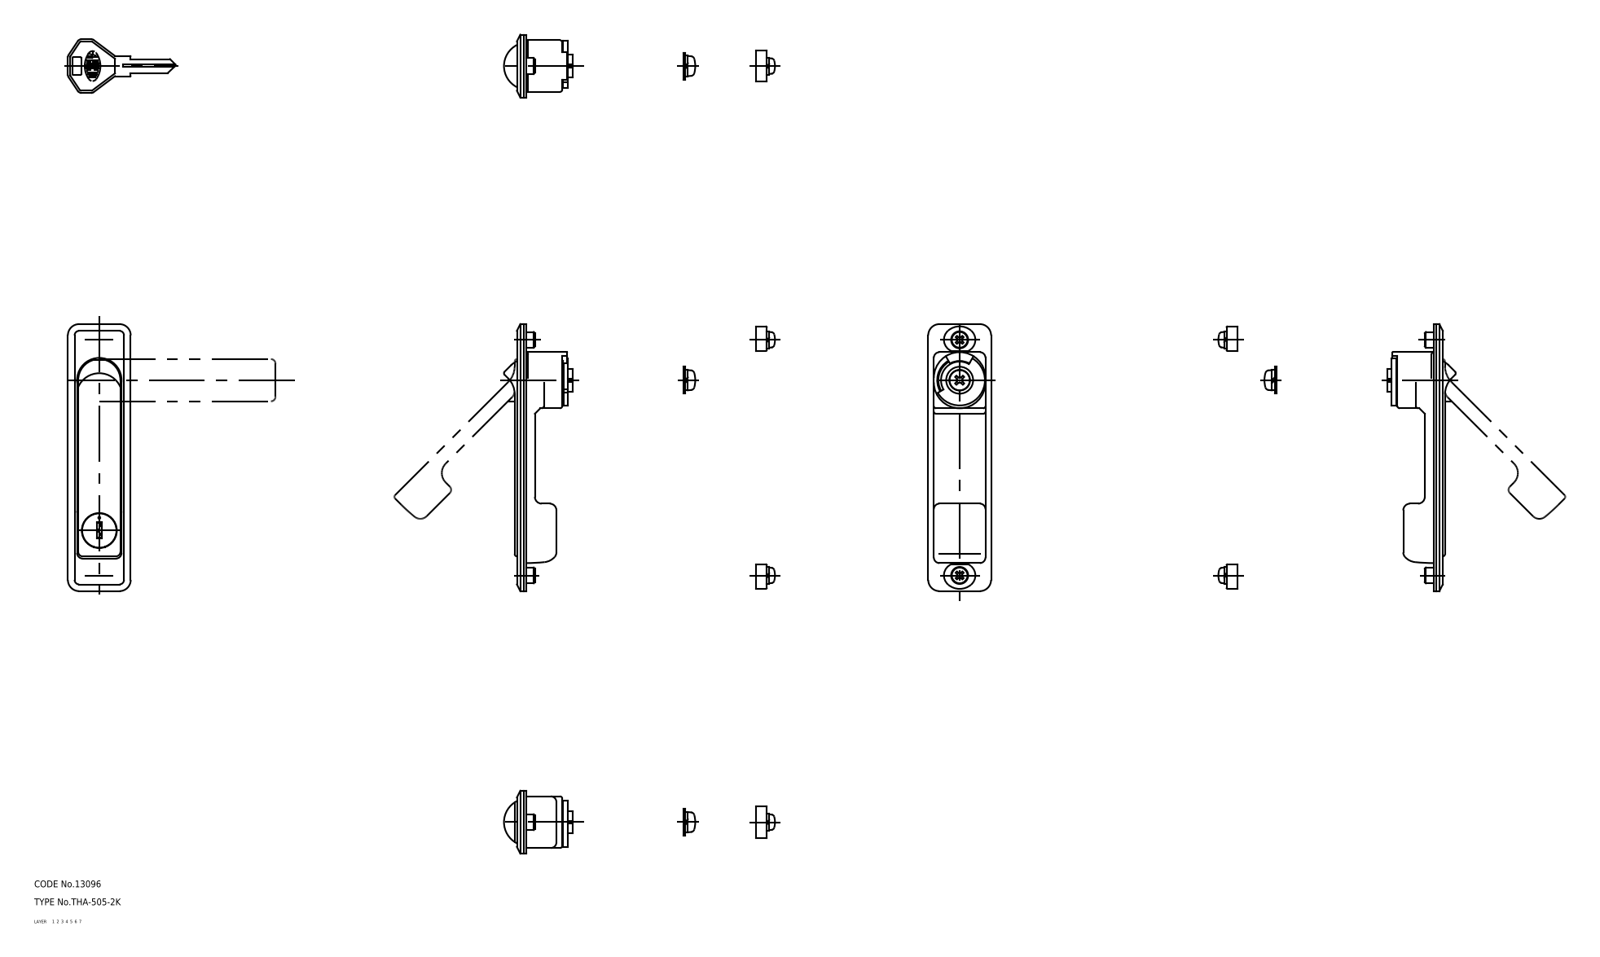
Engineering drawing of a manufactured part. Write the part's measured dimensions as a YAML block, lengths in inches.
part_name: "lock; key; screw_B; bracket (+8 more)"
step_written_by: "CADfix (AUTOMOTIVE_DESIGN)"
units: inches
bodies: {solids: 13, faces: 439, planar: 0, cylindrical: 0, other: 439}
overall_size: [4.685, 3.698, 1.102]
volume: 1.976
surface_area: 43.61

--

Restate the records in full and word for word, but keep the pictures out.

Engineering drawing of a manufactured part. Write the part's measured dimensions as a YAML block, lengths in inches.
part_name: "lock; key; screw_B; bracket (+8 more)"
step_written_by: "CADfix (AUTOMOTIVE_DESIGN)"
units: inches
bodies: {solids: 13, faces: 439, planar: 0, cylindrical: 0, other: 439}
overall_size: [4.685, 3.698, 1.102]
volume: 1.976
surface_area: 43.61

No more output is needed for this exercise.